In 2014 Inria teamed up with the NICT, Japan’s National Institute of Information and Communications, to develop a shared platform for viewing attacks identified using their respective telescopes. The VISU LHS presents a user-friendly top 20 of the most attacked apps in near real-time, with a 3D data map, helping to boost the visibility of the work carried out by the LHS in Nancy, particularly among manufacturers and decision-makers.

Probes and bait

The engineers from Inria Nancy - Grand Est’s testing and development department are responsible for maintaining and developing the laboratory’s platform, which employs two main methods. The first is the so-called “honeypot” method, which involves putting a machine on the network that is artificially made to look vulnerable, the aim being to get an attacker to believe they are attacking a real machine. The second involves analysing the background noise of the internet in order to observe large-scale threats such as scans and distributed denial-of-service attacks by collecting messages sent to unused addresses. In order to prevent any leaks, the programmes and data collected in this way are stored in a secure environment that is not connected to any network and which is protected both digitally and physically.
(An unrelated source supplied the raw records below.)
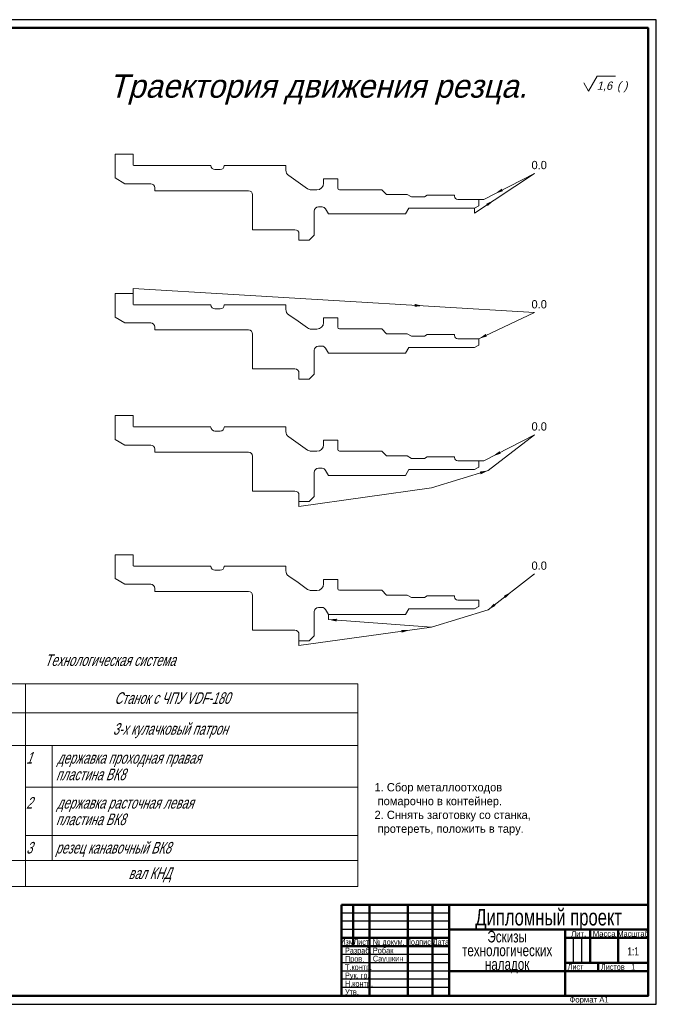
# Model space of a CAD drawing. Header units: millimetres. Extents: x 0 to 841, y 0 to 594.
# Tile 7 of 7: x 457 to 841, y 0 to 594. Entities that reach past the tile are written whole.
import ezdxf
from ezdxf.enums import TextEntityAlignment as Align

# ---------------------------------------------------------------- set-up
doc = ezdxf.new("R2010")
doc.units = ezdxf.units.MM
for name, pattern in [('K5LT_BASIC', [0]), ('K5LT_REINFORCED', [0]), ('K5LT_THIN', [0])]:
    doc.linetypes.add(name, pattern=pattern)
doc.layers.add('AM_5', color=3, linetype='Continuous', lineweight=25)
doc.layers.add('LAYER0VIEW0', color=7, linetype='Continuous')
doc.styles.add('K5_TEXTSTYLE', font='win_eskd.shx', dxfattribs={"width": 0.7, "oblique": 15, "bigfont": 'b_eskd.shx'})
doc.styles.get("Standard").update_dxf_attribs({"font": 'aaa.shx'})

# ---------------------------------------------------------------- blocks, each defined once
blk = doc.blocks.new('A1')
at = {"color": 7}
blk.add_line((589, 5), (20, 5), dxfattribs=at)
at = {"color": 6, "lineweight": 25}
blk.add_lwpolyline([(0, 0), (841, 0), (841, 594), (0, 594)], close=True, dxfattribs=at)
at = {"color": 7, "lineweight": 50}
blk.add_lwpolyline([(20, 5), (836, 5), (836, 589), (20, 589)], dxfattribs=at)
at = {"color": 5, "lineweight": 35}
blk.add_text('Формат А1', height=3.5, dxfattribs=at).set_placement((788.55, 1.02))
at = {"color": 7, "lineweight": 70, "ltscale": 0.75, "width": 0.75}
blk.add_attdef('NUMB', text='', height=7, rotation=180, dxfattribs=at).set_placement((55, 582), align=Align.MIDDLE_CENTER)
blk = doc.blocks.new('SHTAMP СТУДЕНТ')
at = {"color": 7, "lineweight": 50}
for p, q in [((-185, 55), (0, 55)), ((-185, 55), (-185, 0)), ((-178, 30), (-178, 55)), ((-168, 0), (-168, 55)), ((-145, 0), (-145, 55)), ((-130, 0), (-130, 55)), ((-120, 0), (-120, 55)), ((-120, 40), (0, 40)), ((-50, 0), (-50, 40)), ((-35, 20), (-35, 40)), ((-18, 20), (-18, 40)), ((-185, 35), (-120, 35)), ((-185, 30), (-120, 30)), ((-50, 35), (0, 35)), ((-50, 20), (0, 20)), ((-30, 15), (-30, 20)), ((-120, 15), (0, 15))]:
    blk.add_line(p, q, dxfattribs=at)
for p, q in [((0, 0), (0, 55)), ((-185, 0), (0, 0))]:
    blk.add_line(p, q)
at = {"color": 6, "lineweight": 25}
for p, q in [((-120, 50), (-185, 50)), ((-120, 45), (-185, 45)), ((-120, 40), (-185, 40)), ((-45, 20), (-45, 35)), ((-40, 20), (-40, 35)), ((-120, 25), (-185, 25)), ((-120, 20), (-185, 20)), ((-120, 15), (-185, 15)), ((-120, 10), (-185, 10)), ((-120, 5), (-185, 5))]:
    blk.add_line(p, q, dxfattribs=at)
at = {"color": 5, "lineweight": 35}
for s, p in [(' Лит.', (-42.5, 37.5)), ('Масса', (-26.5, 37.5))]:
    blk.add_text(s, height=3.5, dxfattribs=at).set_placement(p, align=Align.MIDDLE_CENTER)
at = {"color": 5, "lineweight": 35, "width": 0.75}
for s, p in [('Масштаб', (-9, 37.5)), ('Изм', (-181.63, 32.59)), ('Лист', (-173, 32.5)), ('№ докум.', (-156.5, 32.5)), ('Подпись', (-137.5, 32.5)), ('Дата', (-125, 32.5))]:
    blk.add_text(s, height=3.5, dxfattribs=at).set_placement(p, align=Align.MIDDLE_CENTER)
for s, p in [('Разраб.', (-182.85, 25.6)), ('Пров.', (-182.85, 20.6)), ('Т.контр.', (-182.85, 15.6)), ('Лист', (-48.51, 15.78)), ('Листов', (-28.39, 15.68)), ('Рук. гр.', (-182.85, 10.6)), ('Н.контр.', (-182.85, 5.6)), ('Утв.', (-182.85, 0.6))]:
    blk.add_text(s, height=3.5, dxfattribs=at).set_placement(p)
at = {"color": 7, "lineweight": 70, "ltscale": 0.75, "width": 0.75}
for tag, height, p in [('NUMB', 10, (-60, 47.5)), ('NAME1', 7, (-85, 35.75)), ('NAME2', 7, (-85, 27.45)), ('NAME3', 7, (-85, 19.15))]:
    blk.add_attdef(tag, text='', height=height, dxfattribs=at).set_placement(p, align=Align.MIDDLE_CENTER)
at = {"color": 7, "width": 0.75, "flags": 12}
blk.add_attdef('GEN-TITLE-SCA{40.5}', text='', height=5, dxfattribs=at).set_placement((-8.99, 24.38), align=Align.CENTER)
at = {"color": 1, "lineweight": 35, "ltscale": 0.75, "width": 0.8}
for tag, p in [('RAZRAB', (-166.08, 25.67)), ('PROVER', (-166.08, 20.78))]:
    blk.add_attdef(tag, p, '', height=3.5, dxfattribs=at)
at = {"color": 2, "width": 0.55}
blk.add_attdef('GEN-TITLE-DAT{2.7}', text='', height=3.5, dxfattribs=at).set_placement((-125, 27.5), align=Align.MIDDLE_CENTER)
at = {"color": 7, "lineweight": 35, "ltscale": 0.75, "width": 0.8}
blk.add_attdef('MASS', text='', height=5, dxfattribs=at).set_placement((-26.45, 24.38), align=Align.CENTER)
at = {"color": 1, "lineweight": 35, "ltscale": 0.75, "width": 0.75}
for tag, p in [('LIST', (-35.97, 15.87)), ('LISTOV', (-8.91, 15.73))]:
    blk.add_attdef(tag, text='', height=3.5, dxfattribs=at).set_placement(p, align=Align.CENTER)
at = {"color": 7, "lineweight": 50, "ltscale": 0.75, "width": 0.75}
for tag, p in [('MATER1', (-98.43, 8.52)), ('MATER2', (-98.43, 1.52))]:
    blk.add_attdef(tag, p, '', height=5, dxfattribs=at)
blk.add_attdef('MATER', text='', height=5, dxfattribs=at).set_placement((-101.07, 5.22), align=Align.RIGHT)
at = {"color": 2, "width": 0.65}
blk.add_attdef('GEN-TITLE-DWG{40.5}', (-184, -4), '', height=3, dxfattribs=at)

msp = doc.modelspace()

# ---------------------------------------------------------------- linework, layer by layer
at = {"linetype": 'Continuous', "lineweight": 9}
for p, q in [((800.056, 550.911), (805.252, 559.911)), ((797.169, 555.911), (800.056, 550.911))]:
    msp.add_line(p, q, dxfattribs=at)
at = {"lineweight": 9}
msp.add_line((805.252, 559.911), (816.288, 559.911), dxfattribs=at)
at = {"color": 3, "linetype": 'K5LT_BASIC', "lineweight": 9}
for p, q in [((514.39, 512.883), (514.39, 498.497)), ((514.39, 512.883), (525.29, 512.883)), ((520.39, 495.033), (514.39, 498.497)), ((520.39, 495.033), (535.89, 495.033)), ((538.39, 492.533), (538.39, 490.783)), ((538.39, 490.783), (594.89, 490.783)), ((597.39, 488.283), (597.39, 467.283)), ((597.39, 467.283), (622.89, 467.283)), ((625.39, 464.783), (625.39, 461.033)), ((514.39, 428.878), (525.29, 428.878)), ((514.39, 428.878), (514.39, 414.492)), ((520.39, 411.028), (514.39, 414.492)), ((520.39, 411.028), (535.89, 411.028)), ((538.39, 408.528), (538.39, 406.778)), ((538.39, 406.778), (594.89, 406.778)), ((597.39, 404.278), (597.39, 383.278)), ((597.39, 383.278), (622.89, 383.278)), ((625.39, 380.778), (625.39, 377.028)), ((514.39, 355.183), (514.39, 340.797)), ((514.39, 355.183), (525.29, 355.183)), ((520.39, 337.333), (514.39, 340.797)), ((520.39, 337.333), (535.89, 337.333)), ((538.39, 334.833), (538.39, 333.083)), ((538.39, 333.083), (594.89, 333.083)), ((597.39, 330.583), (597.39, 309.583)), ((597.39, 309.583), (622.89, 309.583)), ((625.39, 307.083), (625.39, 303.333)), ((514.39, 271.178), (514.39, 256.792)), ((514.39, 271.178), (525.29, 271.178)), ((520.39, 253.328), (514.39, 256.792)), ((520.39, 253.328), (535.89, 253.328)), ((538.39, 250.828), (538.39, 249.078)), ((538.39, 249.078), (594.89, 249.078)), ((597.39, 246.578), (597.39, 225.578)), ((597.39, 225.578), (622.89, 225.578)), ((625.39, 223.078), (625.39, 219.328))]:
    msp.add_line(p, q, dxfattribs=at)
at = {"color": 3, "linetype": 'K5LT_REINFORCED', "lineweight": 9}
for p, q in [((525.29, 512.883), (525.29, 506.233)), ((525.49, 506.033), (572.29, 506.033)), ((580.29, 506.033), (617.49, 506.033)), ((617.49, 506.033), (617.49, 503.227)), ((574.69, 503.533), (577.89, 503.533)), ((624.79, 496.033), (619.196, 499.95)), ((624.79, 496.033), (630.541, 492.006)), ((640.19, 498.033), (640.19, 495.283)), ((640.19, 498.033), (648.79, 498.033)), ((648.79, 498.033), (648.79, 492.433)), ((632.835, 491.283), (636.19, 491.283)), ((675.39, 491.433), (649.79, 491.433)), ((678.29, 488.533), (675.39, 491.433)), ((690.692, 488.533), (678.29, 488.533)), ((693.29, 487.033), (690.692, 488.533)), ((701.09, 487.033), (702.822, 488.033)), ((719.19, 488.033), (702.822, 488.033)), ((719.19, 488.033), (719.19, 487.533)), ((701.09, 487.033), (693.29, 487.033)), ((733.89, 485.533), (721.19, 485.533)), ((634.59, 478.533), (634.59, 464.033)), ((639.297, 481.033), (637.09, 481.033)), ((641.462, 479.783), (643.194, 476.783)), ((689.669, 476.783), (643.194, 476.783)), ((691.69, 480.283), (689.669, 476.783)), ((731.39, 480.283), (691.69, 480.283)), ((634.59, 464.033), (631.59, 461.033)), ((631.59, 461.033), (625.39, 461.033)), ((634.59, 394.528), (634.59, 380.028)), ((639.297, 397.028), (637.09, 397.028)), ((641.462, 395.778), (643.194, 392.778)), ((689.669, 392.778), (643.194, 392.778)), ((691.69, 396.278), (689.669, 392.778)), ((731.39, 396.278), (691.69, 396.278)), ((731.39, 396.278), (733.89, 397.721)), ((631.59, 377.028), (625.39, 377.028)), ((634.59, 380.028), (631.59, 377.028)), ((525.29, 355.183), (525.29, 348.533)), ((525.49, 348.333), (572.29, 348.333)), ((574.69, 345.833), (577.89, 345.833)), ((580.29, 348.333), (617.49, 348.333)), ((617.49, 348.333), (617.49, 345.527)), ((624.79, 338.333), (619.196, 342.25)), ((640.19, 340.333), (640.19, 337.583)), ((640.19, 340.333), (648.79, 340.333)), ((648.79, 340.333), (648.79, 334.733)), ((624.79, 338.333), (630.541, 334.306)), ((632.835, 333.583), (636.19, 333.583)), ((675.39, 333.733), (649.79, 333.733)), ((678.29, 330.833), (675.39, 333.733)), ((690.692, 330.833), (678.29, 330.833)), ((693.29, 329.333), (690.692, 330.833)), ((701.09, 329.333), (693.29, 329.333)), ((701.09, 329.333), (702.822, 330.333)), ((719.19, 330.333), (702.822, 330.333)), ((719.19, 330.333), (719.19, 329.833)), ((733.89, 327.833), (721.19, 327.833)), ((525.29, 271.178), (525.29, 264.528)), ((525.49, 264.328), (572.29, 264.328)), ((574.69, 261.828), (577.89, 261.828)), ((580.29, 264.328), (617.49, 264.328)), ((617.49, 264.328), (617.49, 261.522)), ((624.79, 254.328), (619.196, 258.245)), ((640.19, 256.328), (640.19, 253.578)), ((640.19, 256.328), (648.79, 256.328)), ((648.79, 256.328), (648.79, 250.728)), ((624.79, 254.328), (630.541, 250.301)), ((632.835, 249.578), (636.19, 249.578)), ((675.39, 249.728), (649.79, 249.728)), ((678.29, 246.828), (675.39, 249.728)), ((690.692, 246.828), (678.29, 246.828)), ((693.29, 245.328), (690.692, 246.828)), ((701.09, 245.328), (693.29, 245.328)), ((701.09, 245.328), (702.822, 246.328)), ((719.19, 246.328), (702.822, 246.328)), ((719.19, 246.328), (719.19, 245.828)), ((733.89, 243.828), (721.19, 243.828)), ((733.89, 243.828), (733.89, 240.021)), ((691.69, 238.578), (689.669, 235.078)), ((731.39, 238.578), (691.69, 238.578)), ((731.39, 238.578), (733.89, 240.021)), ((689.669, 235.078), (643.194, 235.078))]:
    msp.add_line(p, q, dxfattribs=at)
at = {"color": 1, "lineweight": 20}
for p, q in [((731.39, 477.283), (767.445, 501.285)), ((767.445, 501.285), (736.89, 485.533)), ((736.89, 485.533), (733.89, 485.533)), ((731.39, 480.283), (731.39, 477.283)), ((525.29, 431.878), (767.445, 417.28)), ((733.89, 401.528), (767.445, 417.28)), ((767.445, 343.585), (736.89, 327.833)), ((739.547, 321.994), (767.445, 343.585)), ((736.89, 327.833), (733.89, 327.833)), ((705.245, 311.519), (739.547, 321.994)), ((625.39, 300.333), (705.245, 311.519)), ((739.547, 237.989), (767.445, 259.58)), ((705.245, 227.514), (739.547, 237.989)), ((705.245, 227.514), (643.194, 232.078)), ((625.39, 216.328), (705.245, 227.514))]:
    msp.add_line(p, q, dxfattribs=at)
at = {"lineweight": 20}
for p, q in [((731.39, 480.283), (733.89, 481.726)), ((733.89, 485.533), (733.89, 481.726)), ((525.29, 428.878), (525.29, 431.878)), ((525.29, 428.878), (525.29, 422.228)), ((525.49, 422.028), (572.29, 422.028)), ((580.29, 422.028), (617.49, 422.028)), ((617.49, 422.028), (617.49, 419.222)), ((574.69, 419.528), (577.89, 419.528)), ((624.79, 412.028), (619.196, 415.945)), ((624.79, 412.028), (630.541, 408.001)), ((640.19, 414.028), (640.19, 411.278)), ((640.19, 414.028), (648.79, 414.028)), ((648.79, 414.028), (648.79, 408.428)), ((632.835, 407.278), (636.19, 407.278)), ((675.39, 407.428), (649.79, 407.428)), ((678.29, 404.528), (675.39, 407.428)), ((690.692, 404.528), (678.29, 404.528)), ((693.29, 403.028), (690.692, 404.528)), ((701.09, 403.028), (702.822, 404.028)), ((719.19, 404.028), (702.822, 404.028)), ((701.09, 403.028), (693.29, 403.028)), ((733.89, 401.528), (721.19, 401.528)), ((733.89, 327.833), (733.89, 324.026)), ((634.59, 320.833), (634.59, 306.333)), ((639.297, 323.333), (637.09, 323.333)), ((641.462, 322.083), (643.194, 319.083)), ((691.69, 322.583), (689.669, 319.083)), ((731.39, 322.583), (691.69, 322.583)), ((731.39, 322.583), (733.89, 324.026)), ((689.669, 319.083), (643.194, 319.083)), ((631.59, 303.333), (625.39, 303.333)), ((625.39, 303.333), (625.39, 300.333)), ((634.59, 306.333), (631.59, 303.333)), ((643.194, 232.078), (643.194, 235.078)), ((625.39, 219.328), (625.39, 216.328))]:
    msp.add_line(p, q, dxfattribs=at)
at = {"color": 1, "lineweight": 9}
msp.add_line((736.89, 485.533), (736.89, 485.533), dxfattribs=at)
at = {"linetype": 'K5LT_REINFORCED', "lineweight": 20}
msp.add_line((719.19, 404.028), (719.19, 403.528), dxfattribs=at)
at = {"color": 3, "lineweight": 20}
msp.add_line((733.89, 401.528), (733.89, 397.721), dxfattribs=at)
at = {"color": 3, "linetype": 'K5LT_THIN', "lineweight": 9}
for p, q in [((396.933, 193.285), (660.85, 193.285)), ((460.437, 193.285), (460.437, 71.089)), ((660.85, 193.285), (660.85, 71.089)), ((396.933, 175.789), (660.85, 175.789)), ((396.933, 156.071), (660.85, 156.071)), ((476.386, 156.071), (476.386, 86.641)), ((460.437, 130.971), (660.85, 130.971)), ((460.437, 101.811), (660.85, 101.811)), ((396.933, 86.641), (660.85, 86.641)), ((396.933, 71.089), (660.85, 71.089))]:
    msp.add_line(p, q, dxfattribs=at)
at = {"color": 3, "linetype": 'K5LT_REINFORCED', "lineweight": 9}
for centre, radius, start, end in [((574.69, 505.933), 2.4, 180, 270), ((577.89, 505.933), 2.4, 270, 0), ((621.49, 503.227), 4, 180, 235), ((636.19, 495.283), 4, 270, 0), ((632.835, 495.283), 4, 235, 270), ((649.79, 492.433), 1, 180, 270), ((721.19, 487.533), 2, 180, 270), ((637.09, 478.533), 2.5, 90, 180), ((639.297, 478.533), 2.5, 30, 90), ((637.09, 394.528), 2.5, 90, 180), ((639.297, 394.528), 2.5, 30, 90), ((574.69, 348.233), 2.4, 180, 270), ((577.89, 348.233), 2.4, 270, 0), ((621.49, 345.527), 4, 180, 235), ((632.835, 337.583), 4, 235, 270), ((636.19, 337.583), 4, 270, 0), ((649.79, 334.733), 1, 180, 270), ((721.19, 329.833), 2, 180, 270), ((574.69, 264.228), 2.4, 180, 270), ((577.89, 264.228), 2.4, 270, 0), ((621.49, 261.522), 4, 180, 235), ((632.835, 253.578), 4, 235, 270), ((636.19, 253.578), 4, 270, 0), ((649.79, 250.728), 1, 180, 270), ((721.19, 245.828), 2, 180, 270)]:
    msp.add_arc(centre, radius, start, end, dxfattribs=at)
at = {"color": 3, "linetype": 'K5LT_BASIC', "lineweight": 9}
for centre in [(535.89, 492.533), (594.89, 488.283), (622.89, 464.783), (535.89, 408.528), (594.89, 404.278), (622.89, 380.778), (535.89, 334.833), (594.89, 330.583), (622.89, 307.083), (535.89, 250.828), (594.89, 246.578), (622.89, 223.078)]:
    msp.add_arc(centre, 2.5, 0, 90, dxfattribs=at)
at = {"lineweight": 20}
for centre, radius, start, end in [((574.69, 421.928), 2.4, 180, 270), ((577.89, 421.928), 2.4, 270, 0), ((621.49, 419.222), 4, 180, 235), ((636.19, 411.278), 4, 270, 0), ((632.835, 411.278), 4, 235, 270), ((649.79, 408.428), 1, 180, 270), ((721.19, 403.528), 2, 180, 270), ((637.09, 320.833), 2.5, 90, 180), ((639.297, 320.833), 2.5, 30, 90)]:
    msp.add_arc(centre, radius, start, end, dxfattribs=at)
at = {"layer": 'AM_5', "color": 1, "lineweight": 9}
for points in [[(747.713, 492.05), (748.477, 490.569), (743.651, 489.019)], [(738.348, 482.916), (739.272, 481.529), (742.972, 484.993)], [(695.252, 422.467), (695.152, 420.803), (700.193, 421.334)], [(738.078, 404.384), (738.778, 402.871), (733.89, 401.528)], [(746.375, 333.661), (747.139, 332.179), (742.313, 330.629)], [(734.522, 321.331), (735.009, 319.737), (739.547, 321.994)], [(749.032, 246.383), (750.052, 245.065), (753.496, 248.785)], [(742.991, 241.708), (744.011, 240.39), (739.547, 237.989)], [(648.241, 232.542), (648.119, 230.88), (643.194, 232.078)], [(687.104, 225.814), (687.335, 224.164), (692.171, 225.682)]]:
    msp.add_solid(points, dxfattribs=at)
at = {"layer": 'LAYER0VIEW0', "lineweight": 20}
for p, q in [((639.297, 239.328), (637.09, 239.328)), ((641.462, 238.078), (643.194, 235.078)), ((634.59, 236.828), (634.59, 222.328)), ((634.59, 222.328), (631.59, 219.328)), ((631.59, 219.328), (625.39, 219.328))]:
    msp.add_line(p, q, dxfattribs=at)
for centre, start, end in [((637.09, 236.828), 90, 180), ((639.297, 236.828), 30, 90)]:
    msp.add_arc(centre, 2.5, start, end, dxfattribs=at)

# ---------------------------------------------------------------- block references
at = {"lineweight": 0}
msp.add_blockref('A1', (0, 0), dxfattribs=at)
ref = msp.add_blockref('SHTAMP СТУДЕНТ', (836, 5), dxfattribs=at)
ref.add_attrib('NUMB', 'Дипломный проект', dxfattribs={"color": 7, "lineweight": 70, "ltscale": 0.75, "height": 10, "width": 0.75}).set_placement((776, 52.5), align=Align.MIDDLE_CENTER)
ref.add_attrib('RAZRAB', 'Робак', (669.918, 30.668), dxfattribs={"color": 1, "lineweight": 35, "ltscale": 0.75, "height": 3.5, "width": 0.8})
ref.add_attrib('PROVER', 'Саушкин', (669.921, 25.78), dxfattribs={"color": 1, "lineweight": 35, "ltscale": 0.75, "height": 3.5, "width": 0.8})
ref.add_attrib('NAME1', 'Эскизы', dxfattribs={"color": 7, "lineweight": 70, "ltscale": 0.75, "height": 7, "width": 0.75}).set_placement((751, 40.75), align=Align.MIDDLE_CENTER)
ref.add_attrib('NAME2', 'технологических', dxfattribs={"color": 7, "lineweight": 70, "ltscale": 0.75, "height": 7, "width": 0.75}).set_placement((751, 32.45), align=Align.MIDDLE_CENTER)
ref.add_attrib('NAME3', 'наладок', dxfattribs={"color": 7, "lineweight": 70, "ltscale": 0.75, "height": 7, "width": 0.75}).set_placement((751, 24.15), align=Align.MIDDLE_CENTER)
ref.add_attrib('MATER1', '%%u', (737.574, 13.516), dxfattribs={"color": 7, "lineweight": 50, "ltscale": 0.75, "height": 5, "width": 0.75})
ref.add_attrib('MATER2', '%%o', (737.574, 6.516), dxfattribs={"color": 7, "lineweight": 50, "ltscale": 0.75, "height": 5, "width": 0.75})
ref.add_attrib('GEN-TITLE-SCA{40.5}', '1:1', dxfattribs={"color": 7, "height": 5, "width": 0.75}).set_placement((827.013, 29.377), align=Align.CENTER)
ref.add_attrib('LISTOV', '1', dxfattribs={"color": 1, "lineweight": 35, "ltscale": 0.75, "height": 3.5, "width": 0.75}).set_placement((827.092, 20.731), align=Align.CENTER)

# ---------------------------------------------------------------- texts
at = {"color": 1, "lineweight": 13, "char_height": 5, "width": 23.6277, "attachment_point": 1}
for insert in [(765.678, 508.803), (765.678, 424.798), (765.678, 351.103), (765.678, 267.098)]:
    msp.add_mtext('0.0', dxfattribs=dict(at, insert=insert))
at = {"linetype": 'Continuous', "lineweight": 9, "insert": (670.968, 133.395), "char_height": 5, "width": 156.9365, "attachment_point": 1}
msp.add_mtext('{\\fT-FLEX Type A|b0|i0|c204|p2;1. Сбор металлоотходов\\P помарочно в контейнер.\\P2. Сннять заготовку со станка,\\P протереть, положить в тару.}', dxfattribs=at)
at = {"layer": 'LAYER0VIEW0', "color": 7, "lineweight": 9, "oblique": 15}
for s, height, p in [('Траектория движения резца.', 14, (510.705, 546.933)), ('1,6', 5, (805.054, 551.693)), ('( )', 5, (817.263, 551.693))]:
    msp.add_text(s, height=height, dxfattribs=at).set_placement(p)
at = {"layer": 'LAYER0VIEW0', "color": 7, "lineweight": 9, "style": 'K5_TEXTSTYLE', "oblique": 20, "width": 0.7}
for s, p in [('Технологическая система', (471.87, 204.08)), ('Станок с ЧПУ VDF-180', (513.971, 181.19)), ('3-х кулачковый патрон', (513.045, 162.583)), ('  1   ', (457.092, 145.125)), ('державка проходная правая', (479.465, 145.125)), ('пластина ВК8', (478.717, 135.135)), ('  2  ', (457.092, 118.009)), ('державка расточная левая', (479.258, 118.009)), ('пластина ВК8', (478.717, 108.019)), ('  3  ', (457.092, 90.893)), (' резец канавочный ВК8', (476.68, 90.893)), (' вал КНД', (520.638, 75.519))]:
    msp.add_text(s, height=7, dxfattribs=at).set_placement(p)

doc.saveas('drawing.dxf')

This information can be viewed confidentially by industrial partners and researchers, including as part of the EU cybersecurity projects SPARTA and CONCORDIA. This is also the case for RESIST, a project team which “designs, develops and validates new models, algorithms and tools for resilient network systems”, explains Abdelkader Lahmadi, and which has developed expertise in intrusion detection and analysing attacks targeting network systems. The researchers from the Loria CARBONE team also use LHS resources to carry out morphological analysis of malware and to graphically represent components which sometimes come from other programmes which that one is based on.” 

Anticipating cyberattacks

Between 2018 and the end of 2020, as part of the NATO-funded ThreatPredict project, researchers from RESIST, Carnegie Mellon University in the USA and the International University of Rabat also developed machine learning algorithms which capture the spatio-temporal dynamics of cyberattacks and social, geopolitical and technological incidents worldwide. 

Ghita Mezzour, who collaborated on this project and who has just founded Dasec (an abbreviation of ‘Data In Seconds’), a Morocco-based start-up specialising in artificial intelligence and big data analysis, explains more: “Our aim was to combine data from the dark web (the underground part of the internet that is not indexed by search engines) and social media in order to predict the types of breaches that might interest attackers in the near future. The international nature of the project really helped us: we had access to vast deposits of analysable data, chiefly from the LHS and from the USA.” This sort of data is the key ingredient for any recipe aimed at improving IT security.